Organizations and spaces are also emerging to support creative entrepreneurs such as artisans, chefs, designers, writers and coders. The Skillery, a 6,870- square-foot co-working facility in Nashville’s Germantown neighborhood, hosts workshops and classes for entrepreneurs and independent workers, while also providing members with resources such as business model canvases, financial spreadsheets and customer storyboard templates. The Nashville Entrepreneur Center also offers co-working spaces, along with mentorships and pitch-coaching opportunities. Members can participate in accelerators that provide startups in health care, digital media and entertainment, technology and social enterprise with mentorships and resources to help them grow. In the Wedgewood-Houston neighborhood, the 10,000-square- foot Fort Houston features a full-scale wood shop, print shop, bike shop, photography studio, and miscellaneous work and desk space. Classes and workshops focused on creative pursuits like woodturning, silk-screening and jewelry-making are open to members and the public as well, along with events such as community yoga. Other collaborative workspaces in the neighborhood include WELD and Refinery.

Also serving Nashville’s creative community is the Young Entertainment Professionals organization, a group that supports members through networking events, showcases, mentorship and continuing education.

Small But Mighty

Nashville is full of small- business success stories. One of these is Green Fleet, which launched in 2009 as Nashville’s first green delivery service and has expanded to offer bicycle tours – rated by TripAdvisor as a top Nashville outdoor activity – and a retail shop that sells bicycles, equipment, accessories and apparel. Another is Virsys12, which provides salesforce integration, consulting and training to health-care firms. The company, one of Tennessee’s largest Salesforce Silver Cloud Alliance Partners, advises clients nationwide.

Go West Creative is another firm finding success in Nashville. CEO David Fischette relocated the agency, which provides event, content marketing and experiential campaign services to customers, from Los Angeles to Nashville’s Germantown neighborhood in 2015 – and he hasn’t looked back since.

“Nashville is one of the hottest cities in the U.S. right now,” Fischette says. “I definitely plan to stay here, and I’m excited to see how the city will evolve.”

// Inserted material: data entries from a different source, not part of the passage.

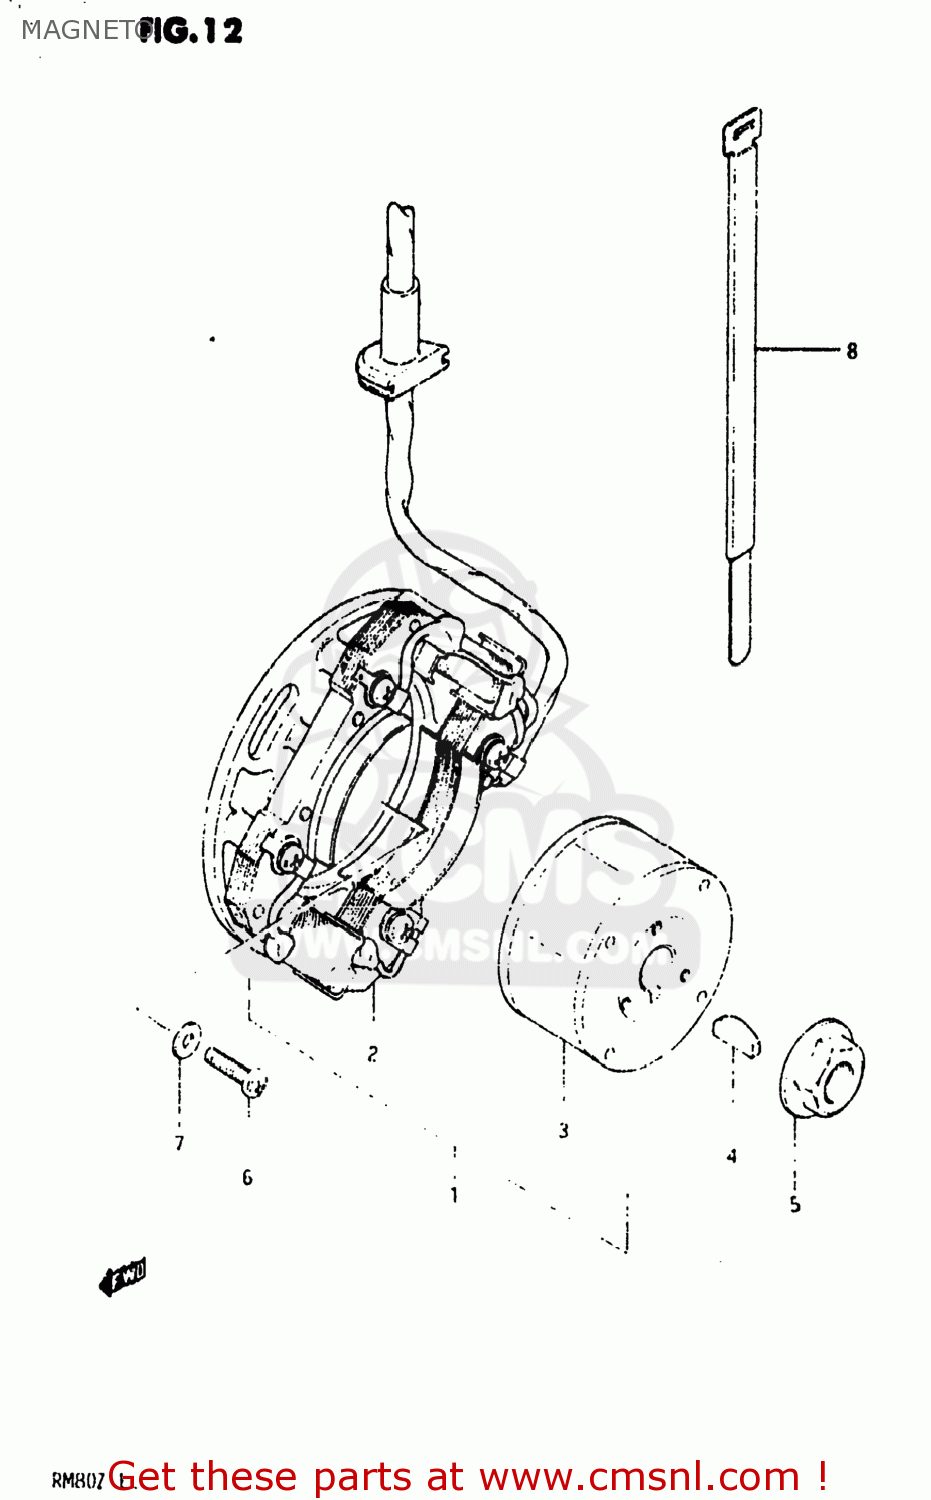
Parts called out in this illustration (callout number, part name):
1	MAGNETO ASSEMBLY
2	STATOR ASSEMBLY
3	ROTOR ASSEMBLY
4	KEY 4MM
5	NUT
6	SCREW
7	WASHER
8	CLAMP
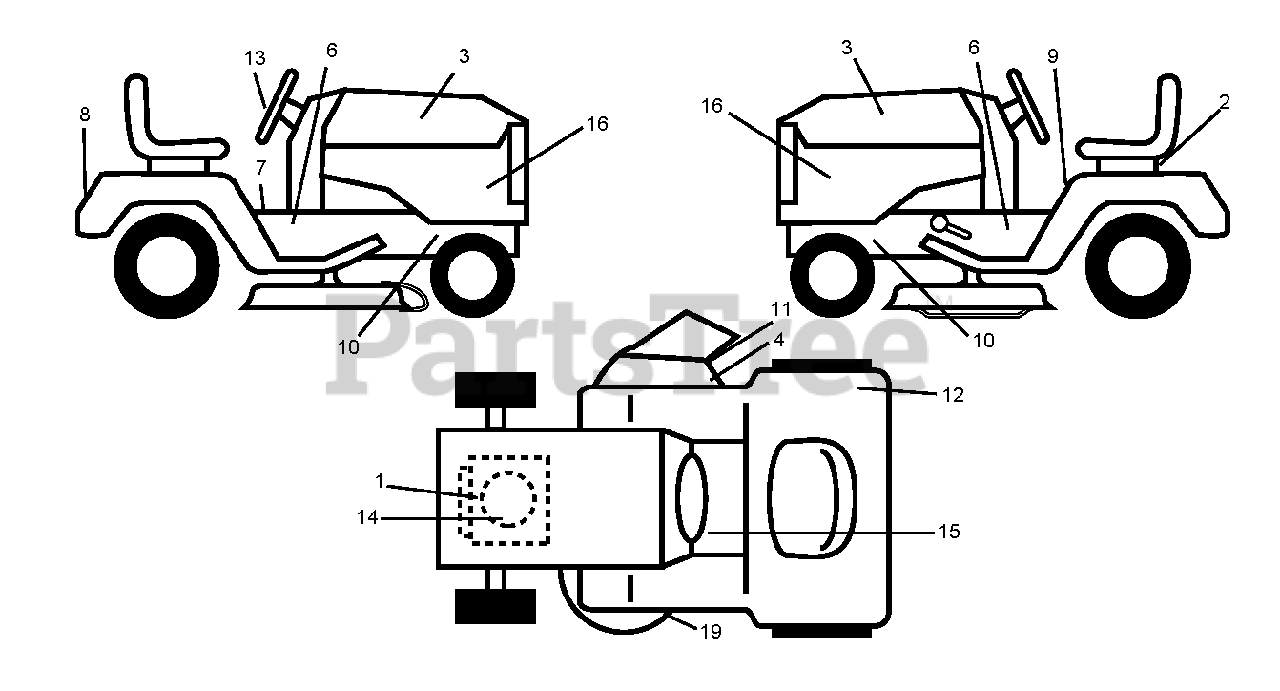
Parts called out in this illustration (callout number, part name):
2	DECAL BTRY SYMBOLS
4	DECAL, DEFLECT WARNING
6	DECAL.CHAS.TURBO
7	DECAL PARK BRAKE
11	DECAL.INTERNATIONL.CUTFINGER
12	Decal, 100 DB/CE
19	DECAL.V-BELT.SCHEMATIC.36/38/9
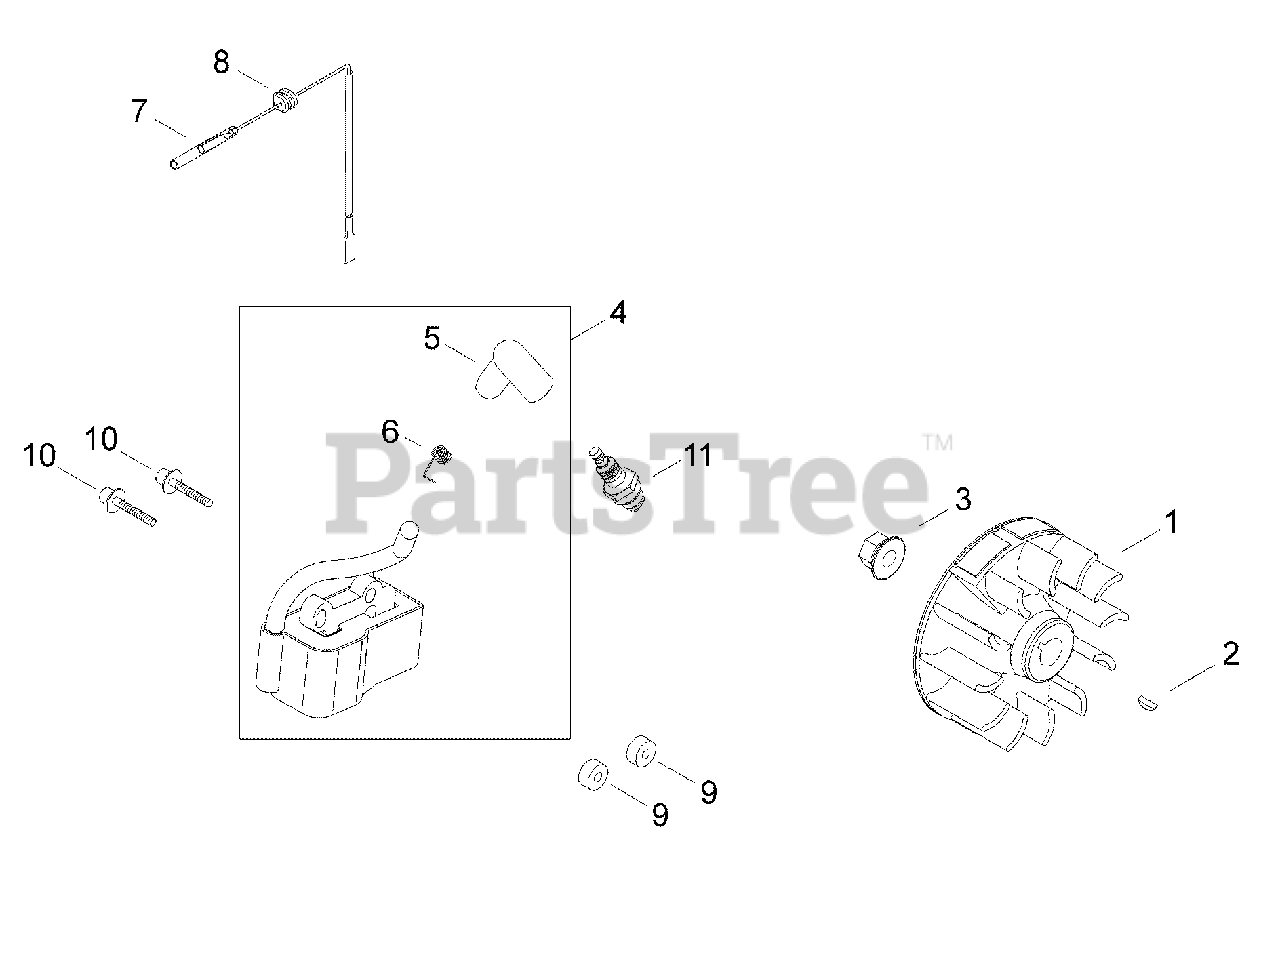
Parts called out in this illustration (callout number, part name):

Nashville’s advertising agencies are also thriving. Two top Nashville communications firms, Seigenthaler Public Relations and DVL Public Relations & Advertising, merged in 2015, following an acquisition by the New York-based Finn Partners agency. The new agency, DVL Seigenthaler, is now the largest agency in the city and state.

Also driving growth in Nashville’s creative industry are marketing firms like FoxFuel Creative, which recently expanded with a move into the L&C Tower downtown, and Industrial Strength Marketing, which scored a spot on the Inc. 5000 list of the nation’s fastest- growing private companies.

Another flourishing agency is Bohan Advertising, which has launched profitable campaigns for corporations like Saint Thomas Health, BlueCross/ BlueShield of Tennessee, Dollar General and Kirkland’s. The firm received Advertising Age’s Southeast Small Agency of the Year award in 2014.

“Nashville is a city that gives a native the opportunity to stay and grow a business,” says David Bohan, who founded the agency in 1990. “I didn’t have to move somewhere else to do what I do. Nashville is not the advertising capital of the world, but it’s a great creative community in which advertising agencies can grow and flourish.”